----- Data to process

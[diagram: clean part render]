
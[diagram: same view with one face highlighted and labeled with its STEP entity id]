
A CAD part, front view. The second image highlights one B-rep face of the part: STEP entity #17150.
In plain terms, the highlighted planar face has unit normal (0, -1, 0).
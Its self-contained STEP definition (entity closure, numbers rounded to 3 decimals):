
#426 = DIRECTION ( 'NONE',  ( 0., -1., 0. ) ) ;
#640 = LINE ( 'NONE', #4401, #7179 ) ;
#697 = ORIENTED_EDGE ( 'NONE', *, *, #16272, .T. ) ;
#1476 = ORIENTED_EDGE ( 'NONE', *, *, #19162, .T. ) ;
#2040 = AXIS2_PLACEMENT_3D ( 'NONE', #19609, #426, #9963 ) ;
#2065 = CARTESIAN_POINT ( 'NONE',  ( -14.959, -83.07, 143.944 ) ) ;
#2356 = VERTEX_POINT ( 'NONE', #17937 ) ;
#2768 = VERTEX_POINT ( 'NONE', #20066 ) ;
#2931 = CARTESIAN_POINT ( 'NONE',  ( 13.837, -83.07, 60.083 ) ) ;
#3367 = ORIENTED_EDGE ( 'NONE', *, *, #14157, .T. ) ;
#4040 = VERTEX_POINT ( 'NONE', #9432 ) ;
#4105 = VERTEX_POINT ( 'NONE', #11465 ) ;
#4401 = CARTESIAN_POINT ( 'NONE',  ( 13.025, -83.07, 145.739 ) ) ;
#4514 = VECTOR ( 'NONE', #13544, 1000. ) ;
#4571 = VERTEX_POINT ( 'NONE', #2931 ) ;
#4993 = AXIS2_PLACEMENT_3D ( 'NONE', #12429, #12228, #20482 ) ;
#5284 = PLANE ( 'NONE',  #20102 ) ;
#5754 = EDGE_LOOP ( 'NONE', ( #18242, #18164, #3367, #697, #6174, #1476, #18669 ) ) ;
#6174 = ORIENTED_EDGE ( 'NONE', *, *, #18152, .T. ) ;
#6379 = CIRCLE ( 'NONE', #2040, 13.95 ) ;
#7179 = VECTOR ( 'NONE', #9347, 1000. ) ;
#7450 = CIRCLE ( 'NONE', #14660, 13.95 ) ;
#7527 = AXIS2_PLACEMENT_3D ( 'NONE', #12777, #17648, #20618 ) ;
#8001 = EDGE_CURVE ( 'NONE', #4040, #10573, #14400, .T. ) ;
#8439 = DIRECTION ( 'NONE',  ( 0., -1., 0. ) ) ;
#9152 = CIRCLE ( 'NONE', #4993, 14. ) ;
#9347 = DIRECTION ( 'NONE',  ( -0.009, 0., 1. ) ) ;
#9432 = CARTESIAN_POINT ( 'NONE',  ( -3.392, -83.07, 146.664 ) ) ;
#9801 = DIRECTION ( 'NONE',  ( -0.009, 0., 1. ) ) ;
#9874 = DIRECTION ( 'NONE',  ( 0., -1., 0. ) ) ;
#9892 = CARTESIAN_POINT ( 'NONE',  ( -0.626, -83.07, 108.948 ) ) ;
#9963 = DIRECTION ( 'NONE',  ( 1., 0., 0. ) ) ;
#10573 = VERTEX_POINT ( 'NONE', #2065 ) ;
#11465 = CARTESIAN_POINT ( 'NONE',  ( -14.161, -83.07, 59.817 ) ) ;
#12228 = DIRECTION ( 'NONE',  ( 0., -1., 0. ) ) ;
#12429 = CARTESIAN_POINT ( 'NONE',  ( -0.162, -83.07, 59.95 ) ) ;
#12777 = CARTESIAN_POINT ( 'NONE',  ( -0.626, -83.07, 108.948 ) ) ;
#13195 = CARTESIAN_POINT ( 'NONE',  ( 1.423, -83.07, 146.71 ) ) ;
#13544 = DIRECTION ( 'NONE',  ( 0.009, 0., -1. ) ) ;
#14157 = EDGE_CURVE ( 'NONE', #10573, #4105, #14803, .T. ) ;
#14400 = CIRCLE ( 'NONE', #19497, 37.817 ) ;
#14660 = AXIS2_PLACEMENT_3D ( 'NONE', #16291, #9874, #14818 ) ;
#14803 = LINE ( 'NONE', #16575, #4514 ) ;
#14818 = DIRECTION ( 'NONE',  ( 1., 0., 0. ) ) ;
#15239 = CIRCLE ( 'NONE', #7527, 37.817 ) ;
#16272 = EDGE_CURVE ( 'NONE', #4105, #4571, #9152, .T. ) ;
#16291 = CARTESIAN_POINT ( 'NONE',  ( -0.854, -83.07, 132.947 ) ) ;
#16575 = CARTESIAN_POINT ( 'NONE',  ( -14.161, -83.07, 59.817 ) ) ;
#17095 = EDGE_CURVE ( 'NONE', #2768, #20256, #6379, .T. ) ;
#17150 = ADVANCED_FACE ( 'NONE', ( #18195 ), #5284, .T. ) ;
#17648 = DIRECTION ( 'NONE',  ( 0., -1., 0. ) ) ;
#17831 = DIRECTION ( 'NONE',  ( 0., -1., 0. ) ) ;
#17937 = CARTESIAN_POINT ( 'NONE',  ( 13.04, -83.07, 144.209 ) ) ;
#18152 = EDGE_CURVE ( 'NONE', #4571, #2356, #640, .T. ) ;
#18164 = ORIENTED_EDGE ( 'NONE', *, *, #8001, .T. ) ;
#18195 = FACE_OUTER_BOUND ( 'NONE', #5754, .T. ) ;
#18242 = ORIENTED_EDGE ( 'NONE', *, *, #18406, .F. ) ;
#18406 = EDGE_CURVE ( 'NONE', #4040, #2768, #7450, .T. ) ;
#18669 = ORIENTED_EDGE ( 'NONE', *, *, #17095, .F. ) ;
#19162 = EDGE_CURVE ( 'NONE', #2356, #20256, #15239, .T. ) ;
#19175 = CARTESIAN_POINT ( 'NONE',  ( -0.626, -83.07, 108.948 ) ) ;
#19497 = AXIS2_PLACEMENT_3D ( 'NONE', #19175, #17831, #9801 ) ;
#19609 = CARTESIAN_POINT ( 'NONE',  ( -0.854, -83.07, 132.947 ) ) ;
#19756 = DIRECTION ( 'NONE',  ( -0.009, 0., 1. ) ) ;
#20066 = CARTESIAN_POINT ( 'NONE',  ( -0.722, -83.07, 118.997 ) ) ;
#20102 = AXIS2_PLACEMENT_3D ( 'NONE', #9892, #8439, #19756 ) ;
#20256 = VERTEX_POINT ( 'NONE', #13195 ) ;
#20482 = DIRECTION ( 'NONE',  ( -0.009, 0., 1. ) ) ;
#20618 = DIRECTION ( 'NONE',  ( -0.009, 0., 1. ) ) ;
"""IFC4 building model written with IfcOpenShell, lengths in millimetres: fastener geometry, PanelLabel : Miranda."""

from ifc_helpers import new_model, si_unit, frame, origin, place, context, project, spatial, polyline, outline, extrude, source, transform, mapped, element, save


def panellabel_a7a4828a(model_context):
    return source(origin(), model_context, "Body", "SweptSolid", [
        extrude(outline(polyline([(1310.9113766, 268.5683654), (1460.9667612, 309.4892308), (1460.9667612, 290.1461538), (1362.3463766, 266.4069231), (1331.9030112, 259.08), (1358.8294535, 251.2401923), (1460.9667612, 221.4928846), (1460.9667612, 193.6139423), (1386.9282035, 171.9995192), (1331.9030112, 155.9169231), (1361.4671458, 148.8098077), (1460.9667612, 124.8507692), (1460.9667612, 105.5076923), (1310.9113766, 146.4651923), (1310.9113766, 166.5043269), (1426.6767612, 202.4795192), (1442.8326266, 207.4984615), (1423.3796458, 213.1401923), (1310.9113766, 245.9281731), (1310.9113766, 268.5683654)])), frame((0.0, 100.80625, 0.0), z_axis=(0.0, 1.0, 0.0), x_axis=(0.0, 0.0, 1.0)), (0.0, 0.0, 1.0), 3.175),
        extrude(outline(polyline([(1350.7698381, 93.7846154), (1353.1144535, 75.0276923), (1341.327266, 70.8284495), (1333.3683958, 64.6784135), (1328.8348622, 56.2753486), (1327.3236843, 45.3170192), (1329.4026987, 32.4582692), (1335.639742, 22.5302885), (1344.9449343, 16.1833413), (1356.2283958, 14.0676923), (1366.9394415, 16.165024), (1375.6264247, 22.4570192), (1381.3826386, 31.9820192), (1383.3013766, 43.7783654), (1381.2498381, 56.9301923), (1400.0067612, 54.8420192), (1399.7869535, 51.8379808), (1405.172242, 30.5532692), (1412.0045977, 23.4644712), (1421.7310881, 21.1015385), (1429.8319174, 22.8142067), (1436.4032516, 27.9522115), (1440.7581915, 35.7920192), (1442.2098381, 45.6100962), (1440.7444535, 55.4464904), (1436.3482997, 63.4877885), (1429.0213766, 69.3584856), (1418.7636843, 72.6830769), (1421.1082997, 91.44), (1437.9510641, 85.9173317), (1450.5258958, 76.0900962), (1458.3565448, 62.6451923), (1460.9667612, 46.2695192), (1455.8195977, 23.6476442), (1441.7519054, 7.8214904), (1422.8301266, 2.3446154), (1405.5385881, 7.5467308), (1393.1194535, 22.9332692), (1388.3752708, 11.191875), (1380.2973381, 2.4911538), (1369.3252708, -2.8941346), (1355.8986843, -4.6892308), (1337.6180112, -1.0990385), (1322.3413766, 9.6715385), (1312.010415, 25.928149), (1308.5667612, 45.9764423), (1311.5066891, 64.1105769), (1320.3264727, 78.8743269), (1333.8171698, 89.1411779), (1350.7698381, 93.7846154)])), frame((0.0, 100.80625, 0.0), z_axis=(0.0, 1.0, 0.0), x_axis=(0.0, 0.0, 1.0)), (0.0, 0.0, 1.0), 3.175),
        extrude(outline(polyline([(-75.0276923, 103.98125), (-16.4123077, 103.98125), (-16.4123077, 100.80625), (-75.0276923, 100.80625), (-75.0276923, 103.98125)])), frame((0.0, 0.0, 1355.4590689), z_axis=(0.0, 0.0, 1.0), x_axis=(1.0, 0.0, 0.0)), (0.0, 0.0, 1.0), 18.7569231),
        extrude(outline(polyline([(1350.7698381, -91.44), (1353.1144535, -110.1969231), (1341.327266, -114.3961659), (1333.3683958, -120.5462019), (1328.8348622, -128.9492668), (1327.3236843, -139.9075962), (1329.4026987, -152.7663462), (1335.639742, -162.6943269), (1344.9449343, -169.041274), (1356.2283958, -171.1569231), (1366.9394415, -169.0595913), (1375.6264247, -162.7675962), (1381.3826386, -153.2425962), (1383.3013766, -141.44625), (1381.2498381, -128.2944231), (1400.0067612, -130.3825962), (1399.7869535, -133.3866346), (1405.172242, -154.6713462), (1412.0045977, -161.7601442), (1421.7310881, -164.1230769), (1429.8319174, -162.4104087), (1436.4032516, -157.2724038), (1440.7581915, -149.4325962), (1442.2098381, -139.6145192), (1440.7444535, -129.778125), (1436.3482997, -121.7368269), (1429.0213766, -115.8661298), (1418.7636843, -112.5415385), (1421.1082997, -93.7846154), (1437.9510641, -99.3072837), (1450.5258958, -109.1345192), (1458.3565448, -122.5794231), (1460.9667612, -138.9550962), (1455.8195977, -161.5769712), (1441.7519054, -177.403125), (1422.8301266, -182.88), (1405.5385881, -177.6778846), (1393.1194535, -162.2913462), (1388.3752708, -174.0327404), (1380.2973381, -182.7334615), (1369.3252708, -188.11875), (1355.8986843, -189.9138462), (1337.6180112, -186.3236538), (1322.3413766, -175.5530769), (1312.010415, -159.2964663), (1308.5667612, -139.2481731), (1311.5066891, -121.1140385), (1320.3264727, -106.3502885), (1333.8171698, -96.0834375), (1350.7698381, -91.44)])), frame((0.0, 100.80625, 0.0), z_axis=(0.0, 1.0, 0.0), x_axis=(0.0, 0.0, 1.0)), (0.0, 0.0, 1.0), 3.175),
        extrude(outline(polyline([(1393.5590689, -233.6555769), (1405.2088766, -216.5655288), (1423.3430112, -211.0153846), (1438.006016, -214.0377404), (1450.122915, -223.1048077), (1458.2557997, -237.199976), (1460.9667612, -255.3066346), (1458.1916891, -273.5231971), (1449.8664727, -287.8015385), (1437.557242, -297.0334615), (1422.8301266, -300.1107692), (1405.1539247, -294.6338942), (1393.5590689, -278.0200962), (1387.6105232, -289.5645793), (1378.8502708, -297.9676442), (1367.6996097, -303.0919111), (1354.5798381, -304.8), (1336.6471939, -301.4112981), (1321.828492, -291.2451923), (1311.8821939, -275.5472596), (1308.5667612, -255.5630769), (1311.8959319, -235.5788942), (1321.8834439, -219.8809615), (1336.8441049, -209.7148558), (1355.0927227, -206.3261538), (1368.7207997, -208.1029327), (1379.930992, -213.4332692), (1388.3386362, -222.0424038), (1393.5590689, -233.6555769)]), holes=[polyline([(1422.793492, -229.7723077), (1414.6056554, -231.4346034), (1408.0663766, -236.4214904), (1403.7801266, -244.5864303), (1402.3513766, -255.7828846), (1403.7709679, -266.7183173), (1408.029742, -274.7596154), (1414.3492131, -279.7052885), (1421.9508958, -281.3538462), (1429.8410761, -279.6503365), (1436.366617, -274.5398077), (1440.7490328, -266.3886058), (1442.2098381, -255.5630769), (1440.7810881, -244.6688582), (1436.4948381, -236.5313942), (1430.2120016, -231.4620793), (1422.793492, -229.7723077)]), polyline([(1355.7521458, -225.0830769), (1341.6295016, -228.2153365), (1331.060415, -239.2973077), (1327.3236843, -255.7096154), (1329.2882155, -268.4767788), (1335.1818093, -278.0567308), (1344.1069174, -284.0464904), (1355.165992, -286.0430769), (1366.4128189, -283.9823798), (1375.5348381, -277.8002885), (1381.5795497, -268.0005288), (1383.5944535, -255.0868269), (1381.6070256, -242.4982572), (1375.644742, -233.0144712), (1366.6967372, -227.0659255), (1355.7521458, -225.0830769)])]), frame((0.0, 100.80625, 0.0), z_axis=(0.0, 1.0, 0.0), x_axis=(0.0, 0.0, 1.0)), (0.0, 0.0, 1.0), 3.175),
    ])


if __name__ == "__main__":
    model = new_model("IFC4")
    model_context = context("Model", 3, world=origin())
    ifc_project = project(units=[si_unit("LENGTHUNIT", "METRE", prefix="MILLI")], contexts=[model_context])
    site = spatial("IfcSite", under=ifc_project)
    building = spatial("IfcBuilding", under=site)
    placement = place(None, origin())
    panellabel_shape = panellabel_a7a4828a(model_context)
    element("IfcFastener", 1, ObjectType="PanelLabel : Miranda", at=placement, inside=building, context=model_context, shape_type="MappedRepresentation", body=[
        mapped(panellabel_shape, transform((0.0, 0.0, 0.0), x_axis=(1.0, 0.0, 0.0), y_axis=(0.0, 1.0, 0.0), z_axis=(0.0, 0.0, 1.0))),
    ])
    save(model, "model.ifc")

----------

**Task**. The lines you need are those with the word "VECTOR"; list them from the entries.

**Written answer**.
#4514 = VECTOR ( 'NONE', #13544, 1000. ) ;
#7179 = VECTOR ( 'NONE', #9347, 1000. ) ;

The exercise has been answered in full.